(Records from a data source)
━━━━━━━━━━
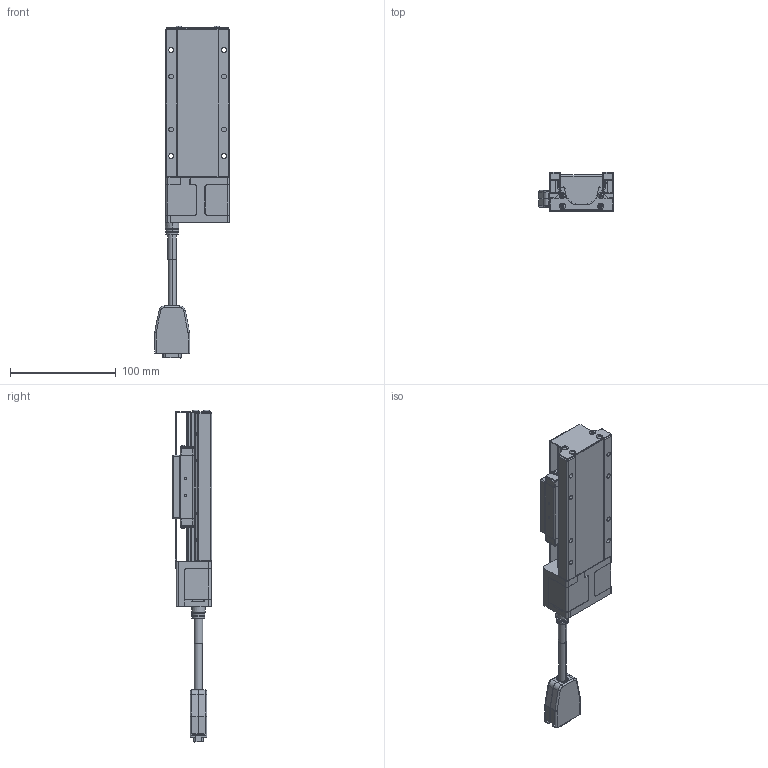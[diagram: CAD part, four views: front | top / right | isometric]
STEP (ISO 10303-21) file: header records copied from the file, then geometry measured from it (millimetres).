
FILE_DESCRIPTION (( 'STEP AP203' ), '1' );
FILE_NAME ('CXC6050-S2?N(µL°¨¹F).S', '2024-01-05T03:43:14', ( '' ), ( '' ), 'SwSTEP 2.0', 'SolidWorks 2019', '' );
FILE_SCHEMA (( 'CONFIG_CONTROL_DESIGN' ));
Length unit declared in the file: millimetre
Products named in the file (8): CXC60-102-10; SG02B005_SCM435(化鎳); CXC6050-S2?N(無馬達); CXC6050-S2OPAN-303_30; Group2^CXC6050-S2?N(28框無馬達)_defeature_GMT; Group1^CXC6050-S2?N(28框無馬達)_defeature_GMT; SD03B006_SD03B006-SCM435(化鎳); SC04B006_SUS304
Assembly tree (15 placements, depth 2):
  CXC6050-S2?N(無馬達)
    Group1^CXC6050-S2?N(28框無馬達)_defeature_GMT
    Group2^CXC6050-S2?N(28框無馬達)_defeature_GMT
    CXC6050-S2OPAN-303_30
    CXC60-102-10  x2
    SC04B006_SUS304  x4
    SG02B005_SCM435(化鎳)  x2
    SD03B006_SD03B006-SCM435(化鎳)  x4
Bounding box: 70.5 x 37 x 313.25 mm (x, y, z)
Volume: 54962 mm3; surface area: 119356 mm2
Topology: 41 solids, 44 shells, 4682 faces, 11808 edges, 7195 vertices
Faces by surface type: plane 1739, cylinder 1415, cone 719, torus 330, bspline 277, sphere 202
Entity records: 140553 total; most frequent: CARTESIAN_POINT 36430, DIRECTION 22336, ORIENTED_EDGE 21370, EDGE_CURVE 10685, AXIS2_PLACEMENT_3D 8420, VERTEX_POINT 6598, VECTOR 5496, LINE 5496
━━━━━━━━━━
• **INSTRUCTIONS FOR THE TASK**
Print exactly the lines above from the one with "STEP (ISO 10303-21)" to the one with "FILE_SCHEMA (( 'CONFIG_CONTROL_DESIGN' ));", including both.

• **OUTPUT FOR THIS EXERCISE**
STEP (ISO 10303-21) file: header records copied from the file, then geometry measured from it (millimetres).
FILE_DESCRIPTION (( 'STEP AP203' ), '1' );
FILE_NAME ('CXC6050-S2?N(µL°¨¹F).S', '2024-01-05T03:43:14', ( '' ), ( '' ), 'SwSTEP 2.0', 'SolidWorks 2019', '' );
FILE_SCHEMA (( 'CONFIG_CONTROL_DESIGN' ));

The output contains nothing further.